Work item: For the listing below, print exactly the lines from the line with "for centre, radius in" to the line with "0), ratio=0.660302, dxfattribs=at)", both included, and nothing beyond them.

╭──

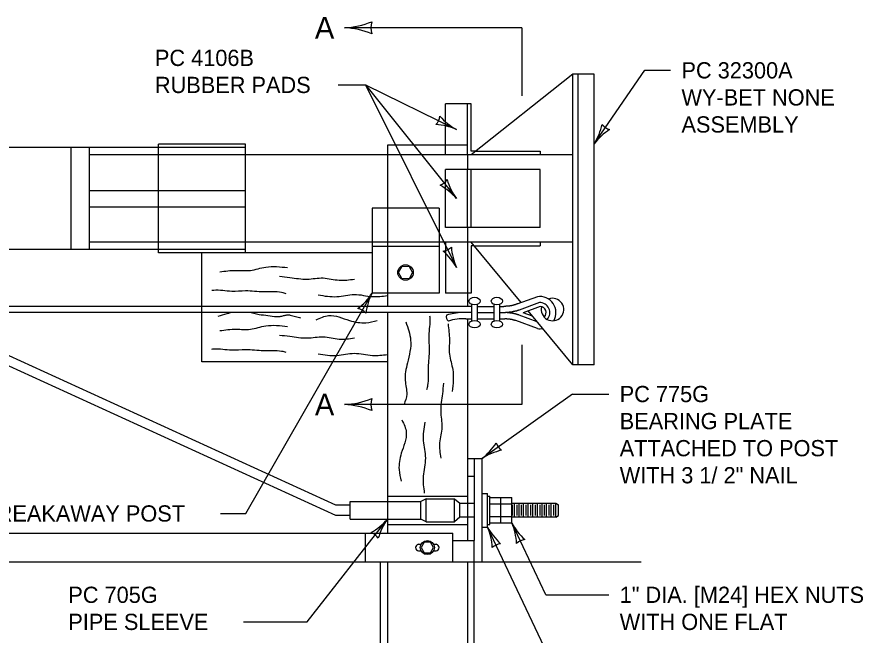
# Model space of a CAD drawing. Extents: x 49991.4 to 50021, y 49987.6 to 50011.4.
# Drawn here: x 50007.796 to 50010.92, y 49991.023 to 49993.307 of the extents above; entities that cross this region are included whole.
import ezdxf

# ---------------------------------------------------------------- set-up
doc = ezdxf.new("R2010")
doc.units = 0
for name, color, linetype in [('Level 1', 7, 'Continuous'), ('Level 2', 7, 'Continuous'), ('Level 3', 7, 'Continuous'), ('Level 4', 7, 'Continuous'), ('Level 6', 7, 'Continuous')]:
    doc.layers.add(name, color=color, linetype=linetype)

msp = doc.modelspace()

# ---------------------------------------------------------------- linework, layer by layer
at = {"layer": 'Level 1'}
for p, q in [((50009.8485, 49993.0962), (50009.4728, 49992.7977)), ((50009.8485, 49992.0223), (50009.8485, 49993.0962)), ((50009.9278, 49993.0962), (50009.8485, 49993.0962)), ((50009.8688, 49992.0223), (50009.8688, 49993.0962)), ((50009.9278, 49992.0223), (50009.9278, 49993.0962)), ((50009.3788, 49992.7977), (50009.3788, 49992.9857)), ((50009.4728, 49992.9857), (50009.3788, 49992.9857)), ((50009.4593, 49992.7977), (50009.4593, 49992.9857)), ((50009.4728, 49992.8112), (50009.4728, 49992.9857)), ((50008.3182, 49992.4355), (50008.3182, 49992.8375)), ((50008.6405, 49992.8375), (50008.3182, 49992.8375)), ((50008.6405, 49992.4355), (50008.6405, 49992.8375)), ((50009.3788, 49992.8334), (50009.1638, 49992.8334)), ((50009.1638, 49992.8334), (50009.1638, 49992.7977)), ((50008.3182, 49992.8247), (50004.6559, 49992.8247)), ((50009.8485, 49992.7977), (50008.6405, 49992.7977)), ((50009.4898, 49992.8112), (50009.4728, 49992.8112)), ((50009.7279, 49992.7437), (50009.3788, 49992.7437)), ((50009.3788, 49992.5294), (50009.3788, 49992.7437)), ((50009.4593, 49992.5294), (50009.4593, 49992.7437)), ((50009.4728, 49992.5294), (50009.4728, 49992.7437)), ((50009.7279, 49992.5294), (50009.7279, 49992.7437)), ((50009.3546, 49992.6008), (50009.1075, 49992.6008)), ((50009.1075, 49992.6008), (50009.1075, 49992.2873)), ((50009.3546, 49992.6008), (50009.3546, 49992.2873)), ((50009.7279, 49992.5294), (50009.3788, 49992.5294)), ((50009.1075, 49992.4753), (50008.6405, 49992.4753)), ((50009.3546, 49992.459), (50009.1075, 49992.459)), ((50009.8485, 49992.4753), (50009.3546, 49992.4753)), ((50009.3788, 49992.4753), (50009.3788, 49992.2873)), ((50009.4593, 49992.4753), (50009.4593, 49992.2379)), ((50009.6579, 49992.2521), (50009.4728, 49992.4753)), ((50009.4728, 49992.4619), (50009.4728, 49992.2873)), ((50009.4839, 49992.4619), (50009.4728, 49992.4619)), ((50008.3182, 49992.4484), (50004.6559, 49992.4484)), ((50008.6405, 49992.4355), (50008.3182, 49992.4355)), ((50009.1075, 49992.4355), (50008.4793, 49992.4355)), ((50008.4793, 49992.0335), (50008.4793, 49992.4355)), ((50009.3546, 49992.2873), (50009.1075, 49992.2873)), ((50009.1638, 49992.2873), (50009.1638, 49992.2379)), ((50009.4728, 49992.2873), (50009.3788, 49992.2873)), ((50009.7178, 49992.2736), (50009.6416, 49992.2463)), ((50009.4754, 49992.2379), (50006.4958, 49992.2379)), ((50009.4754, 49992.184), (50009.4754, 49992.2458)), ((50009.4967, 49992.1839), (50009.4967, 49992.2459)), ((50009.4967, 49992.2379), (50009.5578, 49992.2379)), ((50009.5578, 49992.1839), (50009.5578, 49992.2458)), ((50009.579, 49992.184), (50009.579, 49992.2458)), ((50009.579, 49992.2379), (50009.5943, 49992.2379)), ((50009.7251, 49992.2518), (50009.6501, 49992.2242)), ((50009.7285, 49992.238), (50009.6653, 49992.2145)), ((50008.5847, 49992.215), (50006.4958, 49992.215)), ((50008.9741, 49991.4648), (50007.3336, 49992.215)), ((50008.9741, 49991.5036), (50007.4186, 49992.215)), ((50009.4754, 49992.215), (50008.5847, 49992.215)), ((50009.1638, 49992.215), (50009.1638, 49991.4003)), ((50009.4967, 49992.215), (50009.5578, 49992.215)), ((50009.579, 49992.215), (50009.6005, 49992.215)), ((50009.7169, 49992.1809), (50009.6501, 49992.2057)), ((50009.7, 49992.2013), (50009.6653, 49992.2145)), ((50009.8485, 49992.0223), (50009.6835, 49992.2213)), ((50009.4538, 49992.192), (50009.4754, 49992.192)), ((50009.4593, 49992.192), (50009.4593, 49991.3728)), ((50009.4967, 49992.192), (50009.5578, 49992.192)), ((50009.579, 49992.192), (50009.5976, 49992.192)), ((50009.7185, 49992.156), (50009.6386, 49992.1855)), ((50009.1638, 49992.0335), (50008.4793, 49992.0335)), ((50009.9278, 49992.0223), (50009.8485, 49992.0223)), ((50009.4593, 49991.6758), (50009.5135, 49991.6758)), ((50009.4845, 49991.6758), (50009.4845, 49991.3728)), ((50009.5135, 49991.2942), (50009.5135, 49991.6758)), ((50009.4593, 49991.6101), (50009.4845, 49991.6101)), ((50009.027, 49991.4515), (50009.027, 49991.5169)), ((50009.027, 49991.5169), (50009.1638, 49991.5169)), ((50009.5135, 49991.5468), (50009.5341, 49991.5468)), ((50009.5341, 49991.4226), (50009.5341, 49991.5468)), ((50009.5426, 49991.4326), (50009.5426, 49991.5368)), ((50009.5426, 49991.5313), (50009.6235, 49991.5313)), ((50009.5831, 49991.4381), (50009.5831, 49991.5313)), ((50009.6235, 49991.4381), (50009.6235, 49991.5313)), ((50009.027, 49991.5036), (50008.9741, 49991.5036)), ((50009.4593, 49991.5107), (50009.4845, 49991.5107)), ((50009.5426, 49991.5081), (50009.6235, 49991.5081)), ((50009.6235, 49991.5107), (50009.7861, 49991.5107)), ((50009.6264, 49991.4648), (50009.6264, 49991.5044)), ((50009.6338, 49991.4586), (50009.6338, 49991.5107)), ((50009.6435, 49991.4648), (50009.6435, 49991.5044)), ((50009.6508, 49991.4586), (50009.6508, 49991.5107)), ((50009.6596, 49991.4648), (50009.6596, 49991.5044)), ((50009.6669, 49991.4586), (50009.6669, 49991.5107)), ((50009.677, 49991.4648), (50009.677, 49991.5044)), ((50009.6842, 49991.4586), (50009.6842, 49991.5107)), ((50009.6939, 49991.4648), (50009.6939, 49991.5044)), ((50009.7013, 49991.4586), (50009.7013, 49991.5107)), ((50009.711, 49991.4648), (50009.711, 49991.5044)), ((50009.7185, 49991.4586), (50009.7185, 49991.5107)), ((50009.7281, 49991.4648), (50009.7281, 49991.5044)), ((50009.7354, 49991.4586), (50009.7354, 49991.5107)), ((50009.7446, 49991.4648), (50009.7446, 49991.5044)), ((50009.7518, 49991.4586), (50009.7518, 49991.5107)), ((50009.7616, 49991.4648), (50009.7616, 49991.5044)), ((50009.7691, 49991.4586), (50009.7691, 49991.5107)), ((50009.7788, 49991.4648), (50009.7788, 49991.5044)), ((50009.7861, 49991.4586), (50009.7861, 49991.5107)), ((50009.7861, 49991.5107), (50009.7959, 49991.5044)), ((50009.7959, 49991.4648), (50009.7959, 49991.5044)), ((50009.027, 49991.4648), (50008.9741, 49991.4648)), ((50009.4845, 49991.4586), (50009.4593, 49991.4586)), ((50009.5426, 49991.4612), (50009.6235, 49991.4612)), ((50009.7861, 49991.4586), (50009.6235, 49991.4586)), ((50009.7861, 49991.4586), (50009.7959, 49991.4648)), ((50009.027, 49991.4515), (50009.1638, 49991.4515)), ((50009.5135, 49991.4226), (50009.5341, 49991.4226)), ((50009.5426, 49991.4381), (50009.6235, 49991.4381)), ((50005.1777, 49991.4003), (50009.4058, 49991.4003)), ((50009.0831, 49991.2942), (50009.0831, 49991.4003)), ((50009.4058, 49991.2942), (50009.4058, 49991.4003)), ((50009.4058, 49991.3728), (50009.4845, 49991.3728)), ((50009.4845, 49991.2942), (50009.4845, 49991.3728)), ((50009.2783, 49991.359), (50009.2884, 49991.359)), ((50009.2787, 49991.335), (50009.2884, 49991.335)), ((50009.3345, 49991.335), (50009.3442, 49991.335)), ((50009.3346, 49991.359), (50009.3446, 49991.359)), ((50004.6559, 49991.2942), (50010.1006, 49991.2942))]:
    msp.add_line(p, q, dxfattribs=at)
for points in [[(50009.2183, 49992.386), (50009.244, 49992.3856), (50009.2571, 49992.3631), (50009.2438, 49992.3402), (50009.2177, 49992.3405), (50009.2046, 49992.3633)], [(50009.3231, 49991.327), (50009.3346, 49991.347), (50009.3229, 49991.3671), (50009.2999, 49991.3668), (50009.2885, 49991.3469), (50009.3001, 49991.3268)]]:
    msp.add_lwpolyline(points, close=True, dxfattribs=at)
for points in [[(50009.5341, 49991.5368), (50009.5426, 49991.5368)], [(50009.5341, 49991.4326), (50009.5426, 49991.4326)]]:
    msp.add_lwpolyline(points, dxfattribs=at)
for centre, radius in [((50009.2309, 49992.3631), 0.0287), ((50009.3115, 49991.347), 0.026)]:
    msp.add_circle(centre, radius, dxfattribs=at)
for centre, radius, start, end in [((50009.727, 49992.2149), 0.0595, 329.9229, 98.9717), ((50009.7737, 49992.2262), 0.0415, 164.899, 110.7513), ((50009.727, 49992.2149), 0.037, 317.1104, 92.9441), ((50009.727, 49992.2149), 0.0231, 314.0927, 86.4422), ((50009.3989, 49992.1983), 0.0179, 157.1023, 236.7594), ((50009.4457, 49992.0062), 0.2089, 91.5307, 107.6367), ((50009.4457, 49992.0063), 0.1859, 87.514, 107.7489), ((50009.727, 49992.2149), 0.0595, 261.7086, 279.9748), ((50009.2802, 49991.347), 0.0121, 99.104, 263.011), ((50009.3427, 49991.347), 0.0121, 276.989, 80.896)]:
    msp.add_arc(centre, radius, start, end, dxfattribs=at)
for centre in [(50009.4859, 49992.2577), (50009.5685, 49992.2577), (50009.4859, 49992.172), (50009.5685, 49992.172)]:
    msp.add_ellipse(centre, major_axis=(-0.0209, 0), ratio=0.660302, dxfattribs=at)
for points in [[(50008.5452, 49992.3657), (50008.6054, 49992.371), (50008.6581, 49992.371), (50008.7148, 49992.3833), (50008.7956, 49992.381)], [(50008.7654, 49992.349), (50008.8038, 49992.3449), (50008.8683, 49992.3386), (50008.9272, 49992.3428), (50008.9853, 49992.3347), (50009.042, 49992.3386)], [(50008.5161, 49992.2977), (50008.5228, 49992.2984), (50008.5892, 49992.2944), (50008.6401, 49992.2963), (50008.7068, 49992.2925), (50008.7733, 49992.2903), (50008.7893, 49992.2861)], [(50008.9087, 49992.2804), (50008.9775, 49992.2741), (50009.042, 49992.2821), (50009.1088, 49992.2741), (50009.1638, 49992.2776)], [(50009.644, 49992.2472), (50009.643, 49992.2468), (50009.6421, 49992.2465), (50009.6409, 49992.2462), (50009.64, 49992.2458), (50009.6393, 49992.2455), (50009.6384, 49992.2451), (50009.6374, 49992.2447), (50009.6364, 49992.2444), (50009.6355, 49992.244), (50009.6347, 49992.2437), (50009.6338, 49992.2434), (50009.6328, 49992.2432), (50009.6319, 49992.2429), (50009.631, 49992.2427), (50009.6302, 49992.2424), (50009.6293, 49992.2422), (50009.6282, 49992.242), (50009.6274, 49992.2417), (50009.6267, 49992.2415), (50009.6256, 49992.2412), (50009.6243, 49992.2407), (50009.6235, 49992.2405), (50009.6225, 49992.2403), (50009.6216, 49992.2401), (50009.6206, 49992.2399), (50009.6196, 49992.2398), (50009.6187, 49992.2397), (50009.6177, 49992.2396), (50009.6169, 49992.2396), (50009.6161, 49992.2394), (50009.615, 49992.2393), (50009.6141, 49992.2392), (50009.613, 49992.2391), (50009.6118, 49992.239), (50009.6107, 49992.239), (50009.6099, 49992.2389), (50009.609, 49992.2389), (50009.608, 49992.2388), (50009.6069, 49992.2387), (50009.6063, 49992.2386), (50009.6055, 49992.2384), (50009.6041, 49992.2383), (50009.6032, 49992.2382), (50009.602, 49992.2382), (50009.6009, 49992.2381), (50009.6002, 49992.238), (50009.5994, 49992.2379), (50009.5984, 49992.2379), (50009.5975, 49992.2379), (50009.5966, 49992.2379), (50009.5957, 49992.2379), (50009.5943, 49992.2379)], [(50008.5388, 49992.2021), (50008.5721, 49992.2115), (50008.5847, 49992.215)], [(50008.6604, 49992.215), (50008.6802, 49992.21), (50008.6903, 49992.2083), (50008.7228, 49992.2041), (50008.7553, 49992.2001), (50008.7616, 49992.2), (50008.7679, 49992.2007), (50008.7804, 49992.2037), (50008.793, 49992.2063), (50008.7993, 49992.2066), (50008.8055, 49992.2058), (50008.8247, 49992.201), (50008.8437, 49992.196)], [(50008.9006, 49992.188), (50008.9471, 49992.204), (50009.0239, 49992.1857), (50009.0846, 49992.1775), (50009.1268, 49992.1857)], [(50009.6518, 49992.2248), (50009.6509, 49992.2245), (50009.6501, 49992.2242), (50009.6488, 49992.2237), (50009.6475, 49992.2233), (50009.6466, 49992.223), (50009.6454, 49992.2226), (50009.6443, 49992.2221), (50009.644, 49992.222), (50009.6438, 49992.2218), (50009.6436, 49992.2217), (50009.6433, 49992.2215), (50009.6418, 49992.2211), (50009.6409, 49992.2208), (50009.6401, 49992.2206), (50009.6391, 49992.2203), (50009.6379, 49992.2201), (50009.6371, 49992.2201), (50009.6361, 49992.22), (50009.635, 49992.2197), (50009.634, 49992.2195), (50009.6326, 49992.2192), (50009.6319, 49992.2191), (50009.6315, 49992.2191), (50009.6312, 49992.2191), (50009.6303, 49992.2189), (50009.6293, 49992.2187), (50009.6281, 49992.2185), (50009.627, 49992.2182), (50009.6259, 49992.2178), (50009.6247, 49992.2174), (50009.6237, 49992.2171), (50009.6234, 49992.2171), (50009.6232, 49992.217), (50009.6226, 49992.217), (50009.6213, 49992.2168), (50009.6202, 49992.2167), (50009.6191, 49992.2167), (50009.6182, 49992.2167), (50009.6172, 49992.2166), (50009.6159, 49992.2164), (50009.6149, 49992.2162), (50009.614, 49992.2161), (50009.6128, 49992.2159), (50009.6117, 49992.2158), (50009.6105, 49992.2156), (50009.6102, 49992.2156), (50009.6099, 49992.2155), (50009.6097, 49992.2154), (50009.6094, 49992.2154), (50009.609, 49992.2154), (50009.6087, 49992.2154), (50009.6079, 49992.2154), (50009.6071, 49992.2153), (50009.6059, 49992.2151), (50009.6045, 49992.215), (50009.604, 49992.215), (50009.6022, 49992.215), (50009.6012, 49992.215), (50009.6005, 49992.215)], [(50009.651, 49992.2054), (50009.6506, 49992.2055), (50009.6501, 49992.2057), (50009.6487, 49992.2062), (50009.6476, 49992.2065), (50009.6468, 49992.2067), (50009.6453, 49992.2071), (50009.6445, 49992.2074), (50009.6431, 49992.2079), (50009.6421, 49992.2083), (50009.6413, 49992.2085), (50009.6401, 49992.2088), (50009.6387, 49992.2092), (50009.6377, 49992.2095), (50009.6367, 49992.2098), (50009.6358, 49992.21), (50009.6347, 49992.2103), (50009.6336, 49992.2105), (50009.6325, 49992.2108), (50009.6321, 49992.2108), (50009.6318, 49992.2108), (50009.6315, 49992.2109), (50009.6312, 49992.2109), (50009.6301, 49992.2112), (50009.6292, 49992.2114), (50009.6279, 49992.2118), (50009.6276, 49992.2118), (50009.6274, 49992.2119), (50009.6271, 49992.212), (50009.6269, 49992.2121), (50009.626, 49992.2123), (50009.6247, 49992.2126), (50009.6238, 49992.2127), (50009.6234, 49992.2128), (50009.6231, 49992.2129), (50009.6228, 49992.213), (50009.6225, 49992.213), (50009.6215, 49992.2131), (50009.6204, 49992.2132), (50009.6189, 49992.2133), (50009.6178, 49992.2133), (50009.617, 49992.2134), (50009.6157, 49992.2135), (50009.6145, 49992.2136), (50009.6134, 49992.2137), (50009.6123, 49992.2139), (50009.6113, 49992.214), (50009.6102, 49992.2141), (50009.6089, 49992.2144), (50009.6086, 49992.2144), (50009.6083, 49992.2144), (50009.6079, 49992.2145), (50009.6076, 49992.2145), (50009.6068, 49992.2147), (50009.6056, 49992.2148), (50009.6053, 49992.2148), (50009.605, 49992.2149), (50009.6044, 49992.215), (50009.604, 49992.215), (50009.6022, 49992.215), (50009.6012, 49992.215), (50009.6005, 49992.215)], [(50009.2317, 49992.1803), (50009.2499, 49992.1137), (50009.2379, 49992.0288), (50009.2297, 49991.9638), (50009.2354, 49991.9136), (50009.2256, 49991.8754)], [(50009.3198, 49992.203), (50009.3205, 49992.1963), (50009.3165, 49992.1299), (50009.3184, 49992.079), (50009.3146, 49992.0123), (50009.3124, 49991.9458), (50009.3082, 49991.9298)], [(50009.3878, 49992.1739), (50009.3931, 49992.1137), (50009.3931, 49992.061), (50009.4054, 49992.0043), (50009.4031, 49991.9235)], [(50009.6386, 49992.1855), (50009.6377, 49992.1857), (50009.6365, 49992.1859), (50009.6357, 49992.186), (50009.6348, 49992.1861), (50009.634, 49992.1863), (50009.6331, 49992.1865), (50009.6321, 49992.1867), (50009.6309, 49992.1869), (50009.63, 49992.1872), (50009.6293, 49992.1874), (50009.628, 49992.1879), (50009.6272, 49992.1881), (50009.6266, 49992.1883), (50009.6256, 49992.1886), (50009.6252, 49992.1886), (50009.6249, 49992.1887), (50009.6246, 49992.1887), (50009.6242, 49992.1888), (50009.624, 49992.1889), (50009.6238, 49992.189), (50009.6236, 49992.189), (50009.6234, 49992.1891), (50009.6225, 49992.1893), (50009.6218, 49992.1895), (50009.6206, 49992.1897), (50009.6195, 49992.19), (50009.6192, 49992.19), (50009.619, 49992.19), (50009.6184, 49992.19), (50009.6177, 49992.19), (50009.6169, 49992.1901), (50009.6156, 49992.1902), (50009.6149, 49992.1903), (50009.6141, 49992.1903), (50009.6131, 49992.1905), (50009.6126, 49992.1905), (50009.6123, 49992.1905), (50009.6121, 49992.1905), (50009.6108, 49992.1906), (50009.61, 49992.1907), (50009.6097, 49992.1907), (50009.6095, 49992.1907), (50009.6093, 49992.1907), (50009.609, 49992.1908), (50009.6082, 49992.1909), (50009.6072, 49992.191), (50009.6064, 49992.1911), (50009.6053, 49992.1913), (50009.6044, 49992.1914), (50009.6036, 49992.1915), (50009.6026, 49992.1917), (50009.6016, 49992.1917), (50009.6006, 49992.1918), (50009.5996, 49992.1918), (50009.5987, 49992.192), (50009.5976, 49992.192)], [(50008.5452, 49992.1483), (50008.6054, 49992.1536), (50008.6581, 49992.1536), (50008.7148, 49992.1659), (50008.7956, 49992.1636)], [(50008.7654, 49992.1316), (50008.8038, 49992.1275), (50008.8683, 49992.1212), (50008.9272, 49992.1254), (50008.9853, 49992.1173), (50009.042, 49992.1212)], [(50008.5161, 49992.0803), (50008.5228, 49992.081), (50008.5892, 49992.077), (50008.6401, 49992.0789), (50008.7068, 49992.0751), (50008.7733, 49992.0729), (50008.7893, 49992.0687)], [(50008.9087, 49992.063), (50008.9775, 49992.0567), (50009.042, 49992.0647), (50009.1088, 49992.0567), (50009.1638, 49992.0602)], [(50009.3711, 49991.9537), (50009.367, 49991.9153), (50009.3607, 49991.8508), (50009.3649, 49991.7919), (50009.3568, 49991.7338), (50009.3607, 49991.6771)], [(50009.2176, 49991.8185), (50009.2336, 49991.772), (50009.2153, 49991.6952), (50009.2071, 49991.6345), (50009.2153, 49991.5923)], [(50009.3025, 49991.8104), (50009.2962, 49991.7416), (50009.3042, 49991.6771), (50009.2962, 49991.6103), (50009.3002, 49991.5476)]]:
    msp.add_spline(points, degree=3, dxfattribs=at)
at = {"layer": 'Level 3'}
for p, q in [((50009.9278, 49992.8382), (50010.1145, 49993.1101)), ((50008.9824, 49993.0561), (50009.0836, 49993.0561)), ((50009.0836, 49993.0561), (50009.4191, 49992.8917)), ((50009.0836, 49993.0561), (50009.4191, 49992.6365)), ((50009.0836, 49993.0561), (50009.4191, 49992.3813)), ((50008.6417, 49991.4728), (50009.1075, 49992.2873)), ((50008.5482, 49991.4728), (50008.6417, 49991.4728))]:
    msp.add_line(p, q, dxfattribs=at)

╰──

Expected answer:
for centre, radius in [((50009.2309, 49992.3631), 0.0287), ((50009.3115, 49991.347), 0.026)]:
    msp.add_circle(centre, radius, dxfattribs=at)
for centre, radius, start, end in [((50009.727, 49992.2149), 0.0595, 329.9229, 98.9717), ((50009.7737, 49992.2262), 0.0415, 164.899, 110.7513), ((50009.727, 49992.2149), 0.037, 317.1104, 92.9441), ((50009.727, 49992.2149), 0.0231, 314.0927, 86.4422), ((50009.3989, 49992.1983), 0.0179, 157.1023, 236.7594), ((50009.4457, 49992.0062), 0.2089, 91.5307, 107.6367), ((50009.4457, 49992.0063), 0.1859, 87.514, 107.7489), ((50009.727, 49992.2149), 0.0595, 261.7086, 279.9748), ((50009.2802, 49991.347), 0.0121, 99.104, 263.011), ((50009.3427, 49991.347), 0.0121, 276.989, 80.896)]:
    msp.add_arc(centre, radius, start, end, dxfattribs=at)
for centre in [(50009.4859, 49992.2577), (50009.5685, 49992.2577), (50009.4859, 49992.172), (50009.5685, 49992.172)]:
    msp.add_ellipse(centre, major_axis=(-0.0209, 0), ratio=0.660302, dxfattribs=at)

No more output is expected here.